ASSIGNMENT ▸ Any picture in the entries is to be skipped, while everything else is transcribed word for word.

DATASET RECORDS ▸

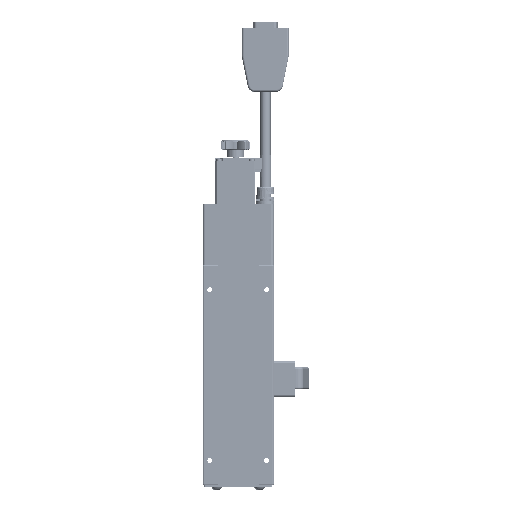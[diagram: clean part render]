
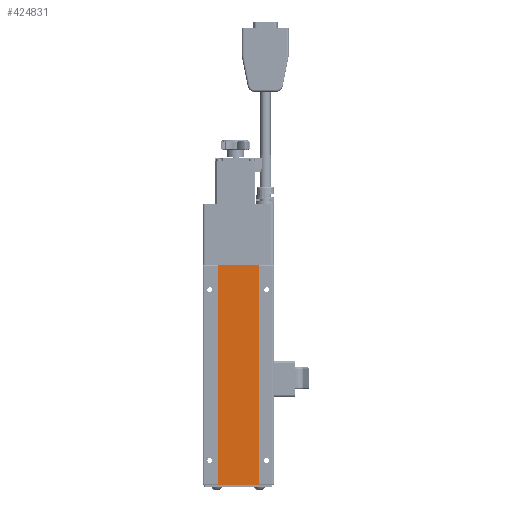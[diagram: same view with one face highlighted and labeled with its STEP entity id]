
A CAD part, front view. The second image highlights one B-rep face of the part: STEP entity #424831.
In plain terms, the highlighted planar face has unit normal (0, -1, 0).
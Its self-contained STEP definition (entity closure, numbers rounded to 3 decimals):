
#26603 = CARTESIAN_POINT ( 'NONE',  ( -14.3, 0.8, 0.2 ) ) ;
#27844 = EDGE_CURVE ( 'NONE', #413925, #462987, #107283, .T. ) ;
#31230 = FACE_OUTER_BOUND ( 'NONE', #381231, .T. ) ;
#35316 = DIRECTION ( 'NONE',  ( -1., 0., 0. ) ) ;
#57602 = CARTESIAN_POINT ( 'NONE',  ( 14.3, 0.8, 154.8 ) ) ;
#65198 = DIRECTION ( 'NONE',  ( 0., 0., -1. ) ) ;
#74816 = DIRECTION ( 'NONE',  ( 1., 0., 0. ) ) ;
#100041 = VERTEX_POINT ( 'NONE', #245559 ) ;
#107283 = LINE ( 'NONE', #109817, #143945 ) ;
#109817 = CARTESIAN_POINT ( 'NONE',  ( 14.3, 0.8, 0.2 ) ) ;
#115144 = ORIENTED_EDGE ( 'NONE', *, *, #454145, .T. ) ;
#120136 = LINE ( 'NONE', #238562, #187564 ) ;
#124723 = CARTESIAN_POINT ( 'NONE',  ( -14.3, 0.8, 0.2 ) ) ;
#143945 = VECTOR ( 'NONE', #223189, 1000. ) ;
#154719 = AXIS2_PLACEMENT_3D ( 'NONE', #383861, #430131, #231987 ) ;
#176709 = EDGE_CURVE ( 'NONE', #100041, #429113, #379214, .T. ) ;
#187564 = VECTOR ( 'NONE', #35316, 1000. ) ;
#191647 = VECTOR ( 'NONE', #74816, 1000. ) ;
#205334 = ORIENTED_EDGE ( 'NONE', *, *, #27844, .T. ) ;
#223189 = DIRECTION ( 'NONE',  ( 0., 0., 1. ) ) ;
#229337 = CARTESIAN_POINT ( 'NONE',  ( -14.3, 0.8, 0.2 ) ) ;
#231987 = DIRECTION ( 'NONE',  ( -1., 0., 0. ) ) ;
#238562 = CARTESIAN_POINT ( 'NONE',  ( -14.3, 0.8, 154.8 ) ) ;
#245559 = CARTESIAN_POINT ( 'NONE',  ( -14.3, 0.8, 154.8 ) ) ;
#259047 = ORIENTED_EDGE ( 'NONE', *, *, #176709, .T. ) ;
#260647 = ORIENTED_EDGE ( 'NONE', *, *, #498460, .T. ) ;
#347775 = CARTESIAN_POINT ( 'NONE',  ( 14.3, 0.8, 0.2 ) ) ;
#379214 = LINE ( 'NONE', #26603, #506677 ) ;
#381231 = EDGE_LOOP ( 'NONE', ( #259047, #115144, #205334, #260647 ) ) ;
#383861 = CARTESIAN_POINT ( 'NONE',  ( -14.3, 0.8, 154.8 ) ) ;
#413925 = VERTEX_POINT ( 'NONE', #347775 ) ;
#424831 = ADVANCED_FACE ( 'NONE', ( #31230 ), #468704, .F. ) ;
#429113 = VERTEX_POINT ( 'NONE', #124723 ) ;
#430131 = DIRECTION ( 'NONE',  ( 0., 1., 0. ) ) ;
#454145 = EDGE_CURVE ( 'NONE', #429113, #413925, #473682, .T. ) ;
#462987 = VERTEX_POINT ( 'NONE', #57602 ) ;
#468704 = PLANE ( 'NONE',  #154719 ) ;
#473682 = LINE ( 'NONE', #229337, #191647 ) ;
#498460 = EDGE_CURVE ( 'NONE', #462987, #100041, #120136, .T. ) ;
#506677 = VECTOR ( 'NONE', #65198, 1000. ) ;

EXERCISE ANSWER ▸
[diagram: clean part render]
[diagram: same view with one face highlighted and labeled with its STEP entity id]
A CAD part, front view. The second image highlights one B-rep face of the part: STEP entity #424831.
In plain terms, the highlighted planar face has unit normal (0, -1, 0).
Its self-contained STEP definition (entity closure, numbers rounded to 3 decimals):
#26603 = CARTESIAN_POINT ( 'NONE',  ( -14.3, 0.8, 0.2 ) ) ;
#27844 = EDGE_CURVE ( 'NONE', #413925, #462987, #107283, .T. ) ;
#31230 = FACE_OUTER_BOUND ( 'NONE', #381231, .T. ) ;
#35316 = DIRECTION ( 'NONE',  ( -1., 0., 0. ) ) ;
#57602 = CARTESIAN_POINT ( 'NONE',  ( 14.3, 0.8, 154.8 ) ) ;
#65198 = DIRECTION ( 'NONE',  ( 0., 0., -1. ) ) ;
#74816 = DIRECTION ( 'NONE',  ( 1., 0., 0. ) ) ;
#100041 = VERTEX_POINT ( 'NONE', #245559 ) ;
#107283 = LINE ( 'NONE', #109817, #143945 ) ;
#109817 = CARTESIAN_POINT ( 'NONE',  ( 14.3, 0.8, 0.2 ) ) ;
#115144 = ORIENTED_EDGE ( 'NONE', *, *, #454145, .T. ) ;
#120136 = LINE ( 'NONE', #238562, #187564 ) ;
#124723 = CARTESIAN_POINT ( 'NONE',  ( -14.3, 0.8, 0.2 ) ) ;
#143945 = VECTOR ( 'NONE', #223189, 1000. ) ;
#154719 = AXIS2_PLACEMENT_3D ( 'NONE', #383861, #430131, #231987 ) ;
#176709 = EDGE_CURVE ( 'NONE', #100041, #429113, #379214, .T. ) ;
#187564 = VECTOR ( 'NONE', #35316, 1000. ) ;
#191647 = VECTOR ( 'NONE', #74816, 1000. ) ;
#205334 = ORIENTED_EDGE ( 'NONE', *, *, #27844, .T. ) ;
#223189 = DIRECTION ( 'NONE',  ( 0., 0., 1. ) ) ;
#229337 = CARTESIAN_POINT ( 'NONE',  ( -14.3, 0.8, 0.2 ) ) ;
#231987 = DIRECTION ( 'NONE',  ( -1., 0., 0. ) ) ;
#238562 = CARTESIAN_POINT ( 'NONE',  ( -14.3, 0.8, 154.8 ) ) ;
#245559 = CARTESIAN_POINT ( 'NONE',  ( -14.3, 0.8, 154.8 ) ) ;
#259047 = ORIENTED_EDGE ( 'NONE', *, *, #176709, .T. ) ;
#260647 = ORIENTED_EDGE ( 'NONE', *, *, #498460, .T. ) ;
#347775 = CARTESIAN_POINT ( 'NONE',  ( 14.3, 0.8, 0.2 ) ) ;
#379214 = LINE ( 'NONE', #26603, #506677 ) ;
#381231 = EDGE_LOOP ( 'NONE', ( #259047, #115144, #205334, #260647 ) ) ;
#383861 = CARTESIAN_POINT ( 'NONE',  ( -14.3, 0.8, 154.8 ) ) ;
#413925 = VERTEX_POINT ( 'NONE', #347775 ) ;
#424831 = ADVANCED_FACE ( 'NONE', ( #31230 ), #468704, .F. ) ;
#429113 = VERTEX_POINT ( 'NONE', #124723 ) ;
#430131 = DIRECTION ( 'NONE',  ( 0., 1., 0. ) ) ;
#454145 = EDGE_CURVE ( 'NONE', #429113, #413925, #473682, .T. ) ;
#462987 = VERTEX_POINT ( 'NONE', #57602 ) ;
#468704 = PLANE ( 'NONE',  #154719 ) ;
#473682 = LINE ( 'NONE', #229337, #191647 ) ;
#498460 = EDGE_CURVE ( 'NONE', #462987, #100041, #120136, .T. ) ;
#506677 = VECTOR ( 'NONE', #65198, 1000. ) ;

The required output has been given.